アメリカのコロナ禍惨状の一因…誤った医療制度

 昨年末、病に倒れ、友人の付き添いでエール大学近くの病院に行きました。衰弱と苦痛を訴えますが、17時間放置されます。医師の診察を受けると、肝臓の膿瘍のうようと敗血症。緊急手術でした。

 
 

 新年に意識を回復し、怒りを覚えました。米国が健康を基本的人権と認めていないことに、医療も拝金主義に染まり、国民本位の公的制度が不備なことに。

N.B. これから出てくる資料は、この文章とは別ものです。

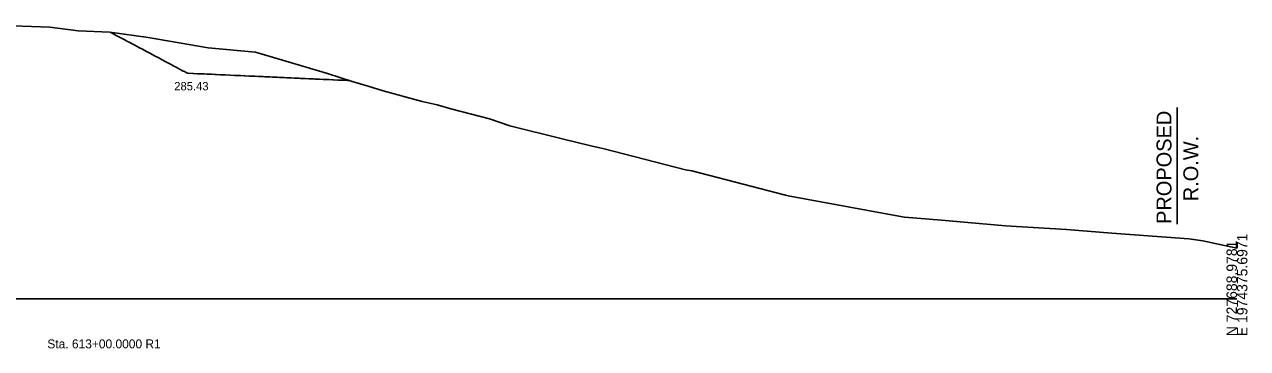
# Model space of a CAD drawing. Extents: x -26 to 1604, y -13 to 9623.
# Drawn here: x 274.6 to 602.8, y 2486.7 to 2573.5 of the extents above; entities that cross this region are included whole.
import ezdxf

# ---------------------------------------------------------------- set-up
doc = ezdxf.new("R2010")
doc.units = 0
for name, color, linetype in [('Draft_XS_Text', 7, 'Continuous'), ('DTM CONTOURS_MAJOR', 7, 'Continuous'), ('DTM_X_GROUND', 7, 'Continuous'), ('XS_CELL', 7, 'Continuous'), ('XS_P_GROUND', 7, 'Continuous'), ('XS_P_ROW', 7, 'Continuous'), ('XS_P_TX_DCH', 7, 'Continuous')]:
    doc.layers.add(name, color=color, linetype=linetype)

msp = doc.modelspace()

# ---------------------------------------------------------------- linework, layer by layer
at = {"layer": 'DTM_X_GROUND'}
msp.add_lwpolyline([(261.66, 2573.47), (281.47, 2572.75), (289.07, 2571.8), (297.57, 2571.4), (307.8, 2570), (323.98, 2567.25), (336.66, 2566.03), (355.99, 2560.32), (362.56, 2558.25), (366.85, 2556.97), (370.92, 2555.74), (381.36, 2552.89), (385.39, 2551.95), (389.06, 2550.89), (399.45, 2548.18), (404.87, 2546.31), (418.92, 2542.9), (426.65, 2540.95), (430.17, 2540.16), (452.03, 2534.59), (453.68, 2534.25), (478.89, 2527.78), (479.6, 2527.63), (509.27, 2522.13), (510.8, 2521.88), (520.7, 2521.04), (537.85, 2519.52), (554.24, 2518.56), (566.44, 2517.63), (587.06, 2516.1), (590.82, 2515.54), (600, 2513.55)], dxfattribs=at)
at = {"layer": 'XS_CELL'}
msp.add_line((100, 2500), (600, 2500), dxfattribs=at)
at = {"layer": 'XS_P_GROUND'}
for points in [[(297.81, 2571.36), (298.38, 2571.06), (298.49, 2570.99), (299.64, 2570.39), (299.98, 2570.2), (300.9, 2569.72), (301.44, 2569.42), (302.15, 2569.05), (302.88, 2568.66), (303.41, 2568.38), (304.29, 2567.91), (304.67, 2567.71), (305.69, 2567.17), (305.93, 2567.04), (307.08, 2566.43), (307.19, 2566.37), (308.45, 2565.7), (308.45, 2565.7), (308.48, 2565.68), (309.57, 2565.1), (309.71, 2565.03), (310.69, 2564.51), (310.97, 2564.36), (311.81, 2563.91), (312.23, 2563.69), (312.92, 2563.32), (313.49, 2563.02), (314.04, 2562.73), (314.75, 2562.35), (315.16, 2562.13), (316.01, 2561.68), (316.27, 2561.54), (317.27, 2561.01), (317.39, 2560.94), (318.35, 2560.43)], [(361.92, 2558.45), (361.35, 2558.48), (361.33, 2558.48), (360.09, 2558.54), (360.03, 2558.54), (358.83, 2558.59), (358.73, 2558.6), (357.57, 2558.65), (357.43, 2558.66), (356.31, 2558.71), (356.12, 2558.72), (355.05, 2558.76), (354.82, 2558.78), (353.79, 2558.82), (353.52, 2558.83), (352.53, 2558.88), (352.21, 2558.89), (351.27, 2558.94), (350.91, 2558.95), (350.01, 2558.99), (349.6, 2559.01), (348.75, 2559.05), (348.3, 2559.07), (347.49, 2559.11), (346.99, 2559.13), (346.23, 2559.17), (345.68, 2559.19), (344.98, 2559.22), (344.37, 2559.25), (343.72, 2559.28), (343.07, 2559.31), (342.46, 2559.34), (341.76, 2559.37), (341.2, 2559.39), (340.45, 2559.43), (339.94, 2559.45), (339.14, 2559.49), (338.68, 2559.51), (337.82, 2559.55), (337.42, 2559.57), (336.51, 2559.61), (336.16, 2559.62), (335.2, 2559.67), (334.9, 2559.68), (333.88, 2559.73), (333.64, 2559.74), (332.57, 2559.79), (332.38, 2559.79), (331.25, 2559.85), (331.12, 2559.85), (331, 2559.86), (329.86, 2559.91), (329.79, 2559.91), (328.6, 2559.97), (328.59, 2559.97), (328.22, 2559.98), (327.34, 2560.02), (327.21, 2560.03), (326.08, 2560.08), (325.77, 2560.1), (324.82, 2560.14), (324.33, 2560.16), (323.56, 2560.2), (322.88, 2560.23), (322.31, 2560.25), (321.44, 2560.29), (321.05, 2560.31), (320, 2560.36), (319.79, 2560.37), (318.55, 2560.42), (318.53, 2560.42), (318.35, 2560.43)]]:
    msp.add_lwpolyline(points, dxfattribs=at)
at = {"layer": 'XS_P_ROW'}
msp.add_line((584, 2551.27), (584, 2520), dxfattribs=at)

# ---------------------------------------------------------------- texts
at = {"layer": 'Draft_XS_Text'}
msp.add_text('Sta. 613+00.0000 R1', height=2.4, dxfattribs=at).set_placement((280.78, 2486.75))
at = {"layer": 'DTM CONTOURS_MAJOR'}
for p in [(308.44, 2565.62), (318.31, 2560.37), (318.31, 2560.37), (328.18, 2559.92), (361.88, 2558.39)]:
    msp.add_text('X', height=0.12, dxfattribs=at).set_placement(p)
at = {"layer": 'XS_CELL'}
for s, p in [('E 1974375.6971', (602.8, 2490)), ('N 727688.9781', (600, 2490))]:
    msp.add_text(s, height=2.8, rotation=90, dxfattribs=at).set_placement(p)
at = {"layer": 'XS_P_ROW'}
for s, p in [('PROPOSED', (582.42, 2520.07)), ('R.O.W.', (589.62, 2526.14))]:
    msp.add_text(s, height=4, rotation=90, dxfattribs=at).set_placement(p)
at = {"layer": 'XS_P_TX_DCH'}
msp.add_text('285.43', height=2.25, dxfattribs=at).set_placement((314.84, 2555.84))

doc.saveas('drawing.dxf')

 米国のコロナ禍の惨状の一因は誤った医療制度にあります。疫病は医療の恩恵を受けづらい未熟練労働者やアフリカ系、ヒスパニック系ら貧しい住民に過酷です。

トランプ氏は願望と気分の政治家

 トランプ氏は真実と事実から目を背ける、願望と気分の政治家です。まずコロナウイルスの脅威に向き合わず、次に脅威だとしても米国には波及しないと吹聴した。希望的観測です。このため初動が遅れてしまった。

 政治的な思惑も絡むと私は見ています。トランプ氏周辺は当初ニューヨークで感染が拡大する中、被害は有色人種や民主党支持者らの多く住む都市に限られるはずだと見なしたようです。これも対策が後手に回った一因でしょう。

 トランプ氏周辺は「自助」を強調する傾向が強い。福祉嫌いにも表れています。それは人種差別的な色合いも帯びる。支持者らにこう諭します。「福祉は有色人種や移民を助けるだけ。我ら白人は自立している。福祉は不要だ」

 民主党支持者の多い都市、ミネアポリスで5月下旬に起きた黒人暴行死事件は象徴的です。犠牲者はコロナ禍に伴う飲食店の休業で警備員の職を失い、自身も感染していた。白人警官に対する怒りは全50州での抗議運動に発展しました。1960年代後半のベトナム反戦運動以来の規模でした。

 トランプ氏は大半が平和的な抗議運動を暴動と断じました。その言動は白人の間には「自分たちは暴徒の犠牲者だ」とする意識を与えたと私は考えます。「白人は無垢むく」という神話的な潜在意識を刺激したはずです。